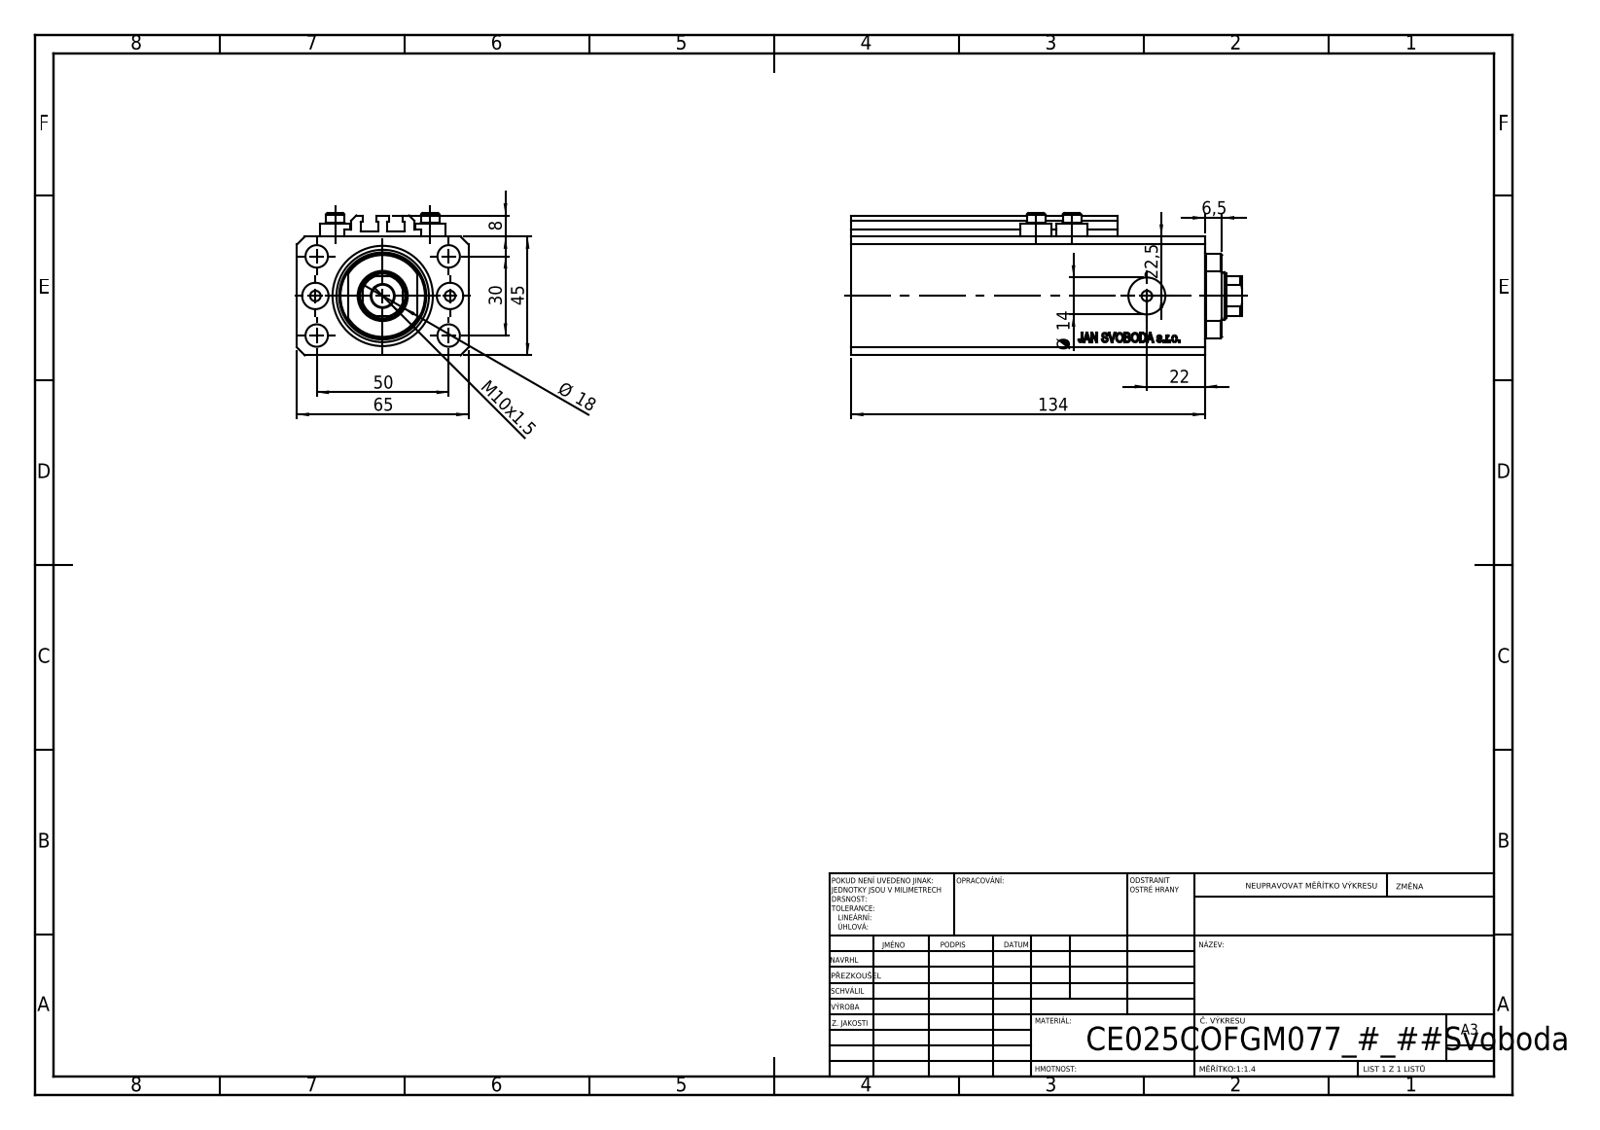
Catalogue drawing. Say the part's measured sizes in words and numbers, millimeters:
The part is named "V250CE_VC_C; V250CE_C_VCP; ALLEN BOLT V250CE; V250CE_C_Body". Its 3-D file was written by "SolidWorks 2019 (CONFIG_CONTROL_DESIGN)". It is 8 solids with 1034 faces: 504 planar, 86 cylindrical and 444 other. Overall it measures 148 by 65 by 54 millimeters. Its volume is 358 417 cubic millimeters and its surface area 88 939 square millimeters. Round holes: 8 of diameter 4, 5 of diameter 8.5, 2 of diameter 10, 2 of diameter 14, 1 of diameter 18, 1 of diameter 25, 1 of diameter 38. Round bosses or shafts: 4 of diameter 11.6, 4 of diameter 7. Partial cylindrical surfaces (rounded edges, fillets, slot ends): 10 of radius 0.2, 1 of radius 8.5, 1 of radius 16. The main face-to-face distances are 45, 65, 47, 14, 120, 134, 2.5, 2, 10, 20.5. The hole center spacings are 15.01, 29.15, 52.68, 13.6, 25.5, 30, 36, 38.48.
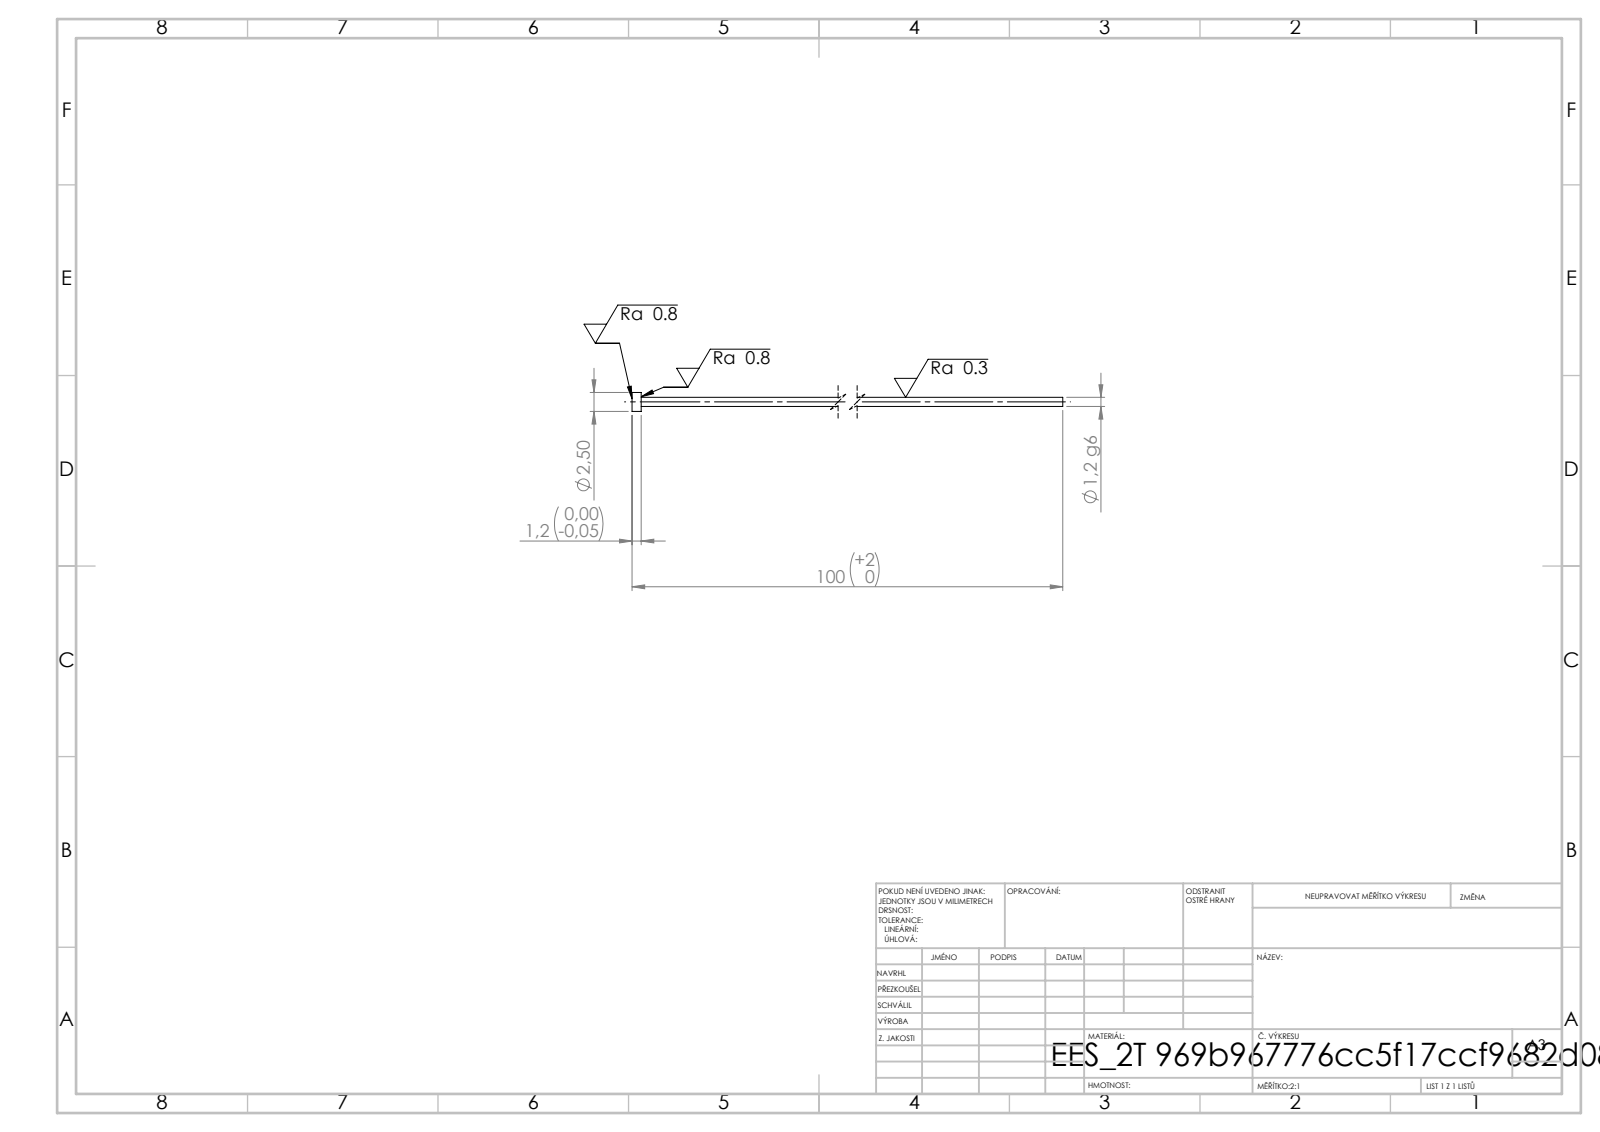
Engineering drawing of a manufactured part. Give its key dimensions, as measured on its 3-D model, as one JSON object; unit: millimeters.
{"step_written_by": "SolidWorks 2019 (CONFIG_CONTROL_DESIGN)", "units": "millimeters", "bodies": {"solids": 1, "faces": 7, "planar": 3, "cylindrical": 4, "other": 0}, "overall_size": [100, 2.5, 2.5], "volume_mm3": 118, "surface_area_mm2": 392, "round_bosses_or_shafts": [[2.5, 1], [1.2, 1]], "face_to_face_distances": [1.2, 100, 98.8]}
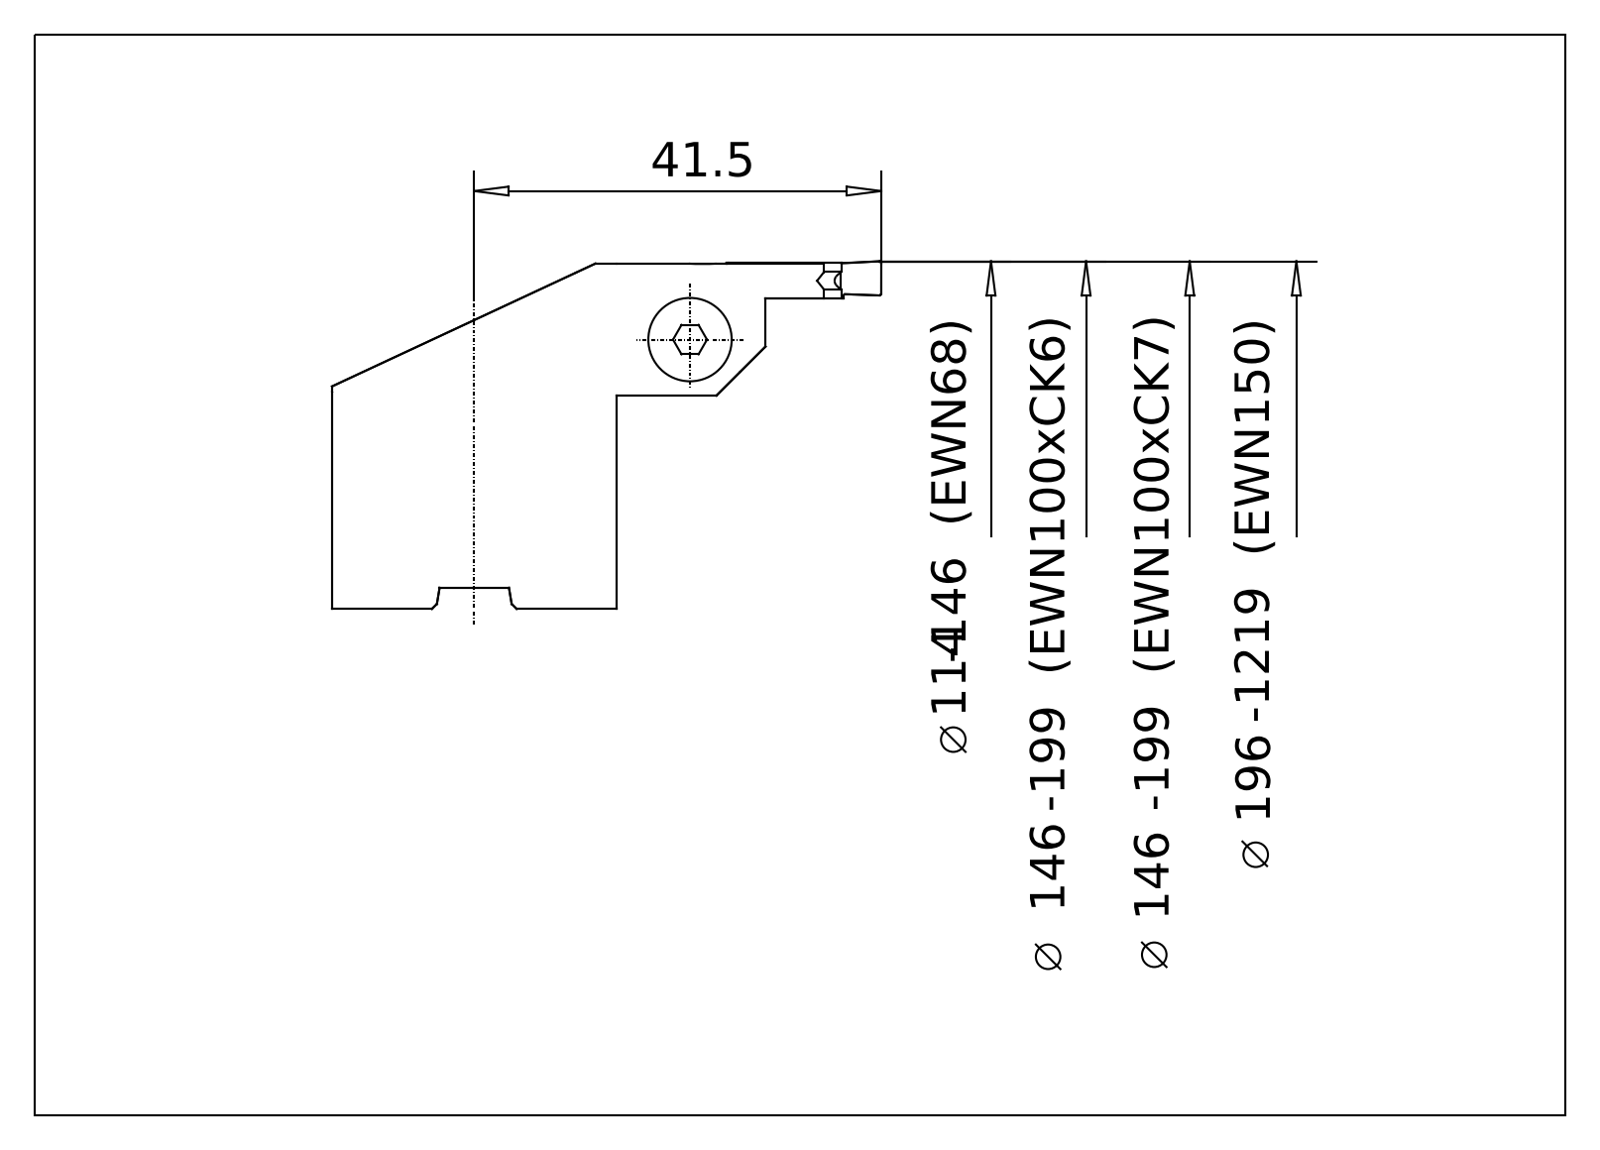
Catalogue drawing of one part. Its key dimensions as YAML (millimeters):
part_name: "626.947 Kaiser ENH 63 S4 114-146 R|626.947 Kaiser ENH 63 S4 114-146 R;Schnitt-Rotation8; 626.947 Kaiser ENH 63 S4 114-146 R|958.425 Kaiser NP 4250 P20C_Einstechplatte 4mm;NONE; 626.947 Kaiser ENH 63 S4 114-146 R|690.183 Kaiser ETL M5x12A;Verrundung1"
step_written_by: "ACIS (automotive_design)"
units: millimeters
bodies: {solids: 3, faces: 136, planar: 79, cylindrical: 39, other: 18}
overall_size: [56, 35.43, 29]
volume: 19612
surface_area: 7781
round_holes:
  - {diameter: 4.2, count: 1}
  - {diameter: 5.3, count: 1}
  - {diameter: 8.05, count: 1}
  - {diameter: 9, count: 1}
  - {diameter: 14, count: 1}
round_bosses_or_shafts:
  - {diameter: 29, count: 1}
  - {diameter: 8.5, count: 1}
  - {diameter: 5, count: 1}
partial_cylinders:
  - {radius: 0.2, count: 4}
  - {radius: 0.1, count: 2}
  - {radius: 1.4, count: 2}
  - {radius: 1.63, count: 2}
  - {radius: 1.26, count: 1}
  - {radius: 5, count: 1}
  - {radius: 56.7, count: 1}
face_to_face_distances: [21.75, 19.6, 2.15, 15, 1.6, 13.4, 7.8, 15.65, 3.95, 6.1]
hole_center_spacings: [11.25]
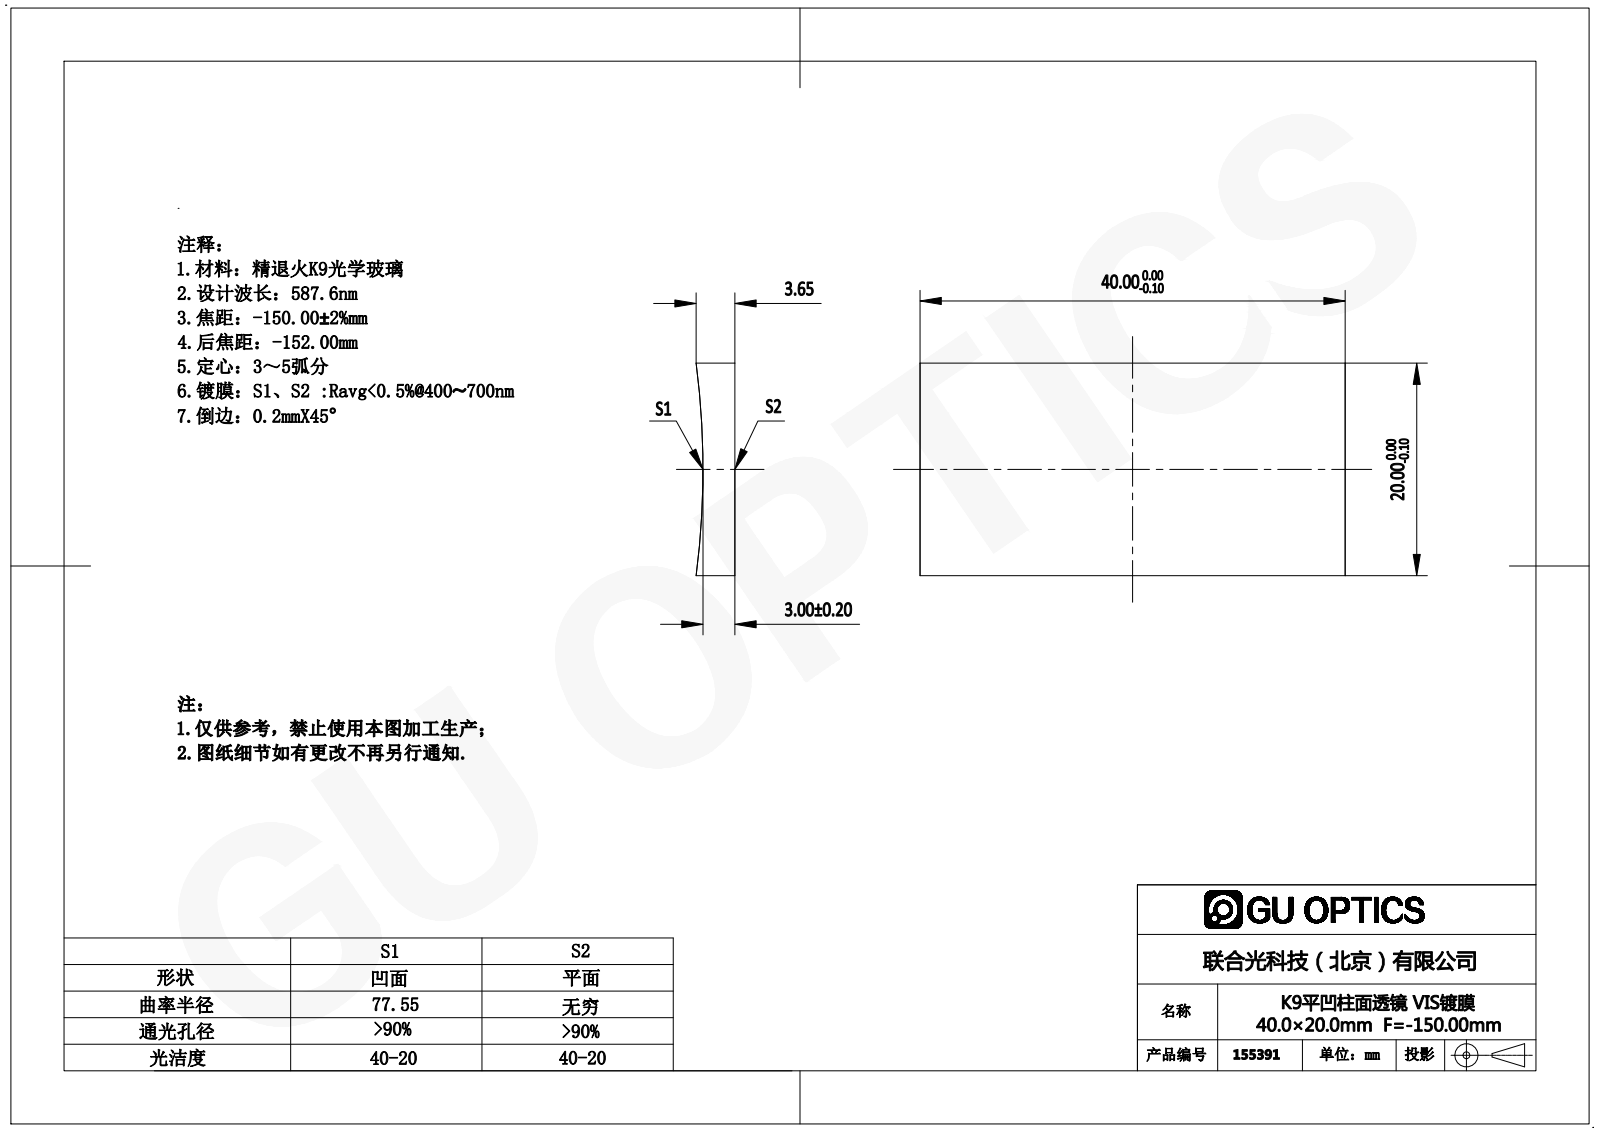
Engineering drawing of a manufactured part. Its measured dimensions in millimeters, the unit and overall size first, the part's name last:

**Exercise aim**
Should a record include a picture, omit it from your copy and return the rest unchanged.

**Output of the task**
Catalogue drawing. Say the part's measured sizes in words and numbers, millimeters:
The part is named "V250CE_VC_C; V250CE_C_VCP; ALLEN BOLT V250CE; V250CE_C_Body". Its 3-D file was written by "SolidWorks 2019 (CONFIG_CONTROL_DESIGN)". It is 8 solids with 1034 faces: 504 planar, 86 cylindrical and 444 other. Overall it measures 148 by 65 by 54 millimeters. Its volume is 358 417 cubic millimeters and its surface area 88 939 square millimeters. Round holes: 8 of diameter 4, 5 of diameter 8.5, 2 of diameter 10, 2 of diameter 14, 1 of diameter 18, 1 of diameter 25, 1 of diameter 38. Round bosses or shafts: 4 of diameter 11.6, 4 of diameter 7. Partial cylindrical surfaces (rounded edges, fillets, slot ends): 10 of radius 0.2, 1 of radius 8.5, 1 of radius 16. The main face-to-face distances are 45, 65, 47, 14, 120, 134, 2.5, 2, 10, 20.5. The hole center spacings are 15.01, 29.15, 52.68, 13.6, 25.5, 30, 36, 38.48.
Engineering drawing of a manufactured part. Give its key dimensions, as measured on its 3-D model, as one JSON object; unit: millimeters.
{"step_written_by": "SolidWorks 2019 (CONFIG_CONTROL_DESIGN)", "units": "millimeters", "bodies": {"solids": 1, "faces": 7, "planar": 3, "cylindrical": 4, "other": 0}, "overall_size": [100, 2.5, 2.5], "volume_mm3": 118, "surface_area_mm2": 392, "round_bosses_or_shafts": [[2.5, 1], [1.2, 1]], "face_to_face_distances": [1.2, 100, 98.8]}
Catalogue drawing of one part. Its key dimensions as YAML (millimeters):
part_name: "626.947 Kaiser ENH 63 S4 114-146 R|626.947 Kaiser ENH 63 S4 114-146 R;Schnitt-Rotation8; 626.947 Kaiser ENH 63 S4 114-146 R|958.425 Kaiser NP 4250 P20C_Einstechplatte 4mm;NONE; 626.947 Kaiser ENH 63 S4 114-146 R|690.183 Kaiser ETL M5x12A;Verrundung1"
step_written_by: "ACIS (automotive_design)"
units: millimeters
bodies: {solids: 3, faces: 136, planar: 79, cylindrical: 39, other: 18}
overall_size: [56, 35.43, 29]
volume: 19612
surface_area: 7781
round_holes:
  - {diameter: 4.2, count: 1}
  - {diameter: 5.3, count: 1}
  - {diameter: 8.05, count: 1}
  - {diameter: 9, count: 1}
  - {diameter: 14, count: 1}
round_bosses_or_shafts:
  - {diameter: 29, count: 1}
  - {diameter: 8.5, count: 1}
  - {diameter: 5, count: 1}
partial_cylinders:
  - {radius: 0.2, count: 4}
  - {radius: 0.1, count: 2}
  - {radius: 1.4, count: 2}
  - {radius: 1.63, count: 2}
  - {radius: 1.26, count: 1}
  - {radius: 5, count: 1}
  - {radius: 56.7, count: 1}
face_to_face_distances: [21.75, 19.6, 2.15, 15, 1.6, 13.4, 7.8, 15.65, 3.95, 6.1]
hole_center_spacings: [11.25]
Engineering drawing of a manufactured part. Its measured dimensions in millimeters, the unit and overall size first, the part's name last:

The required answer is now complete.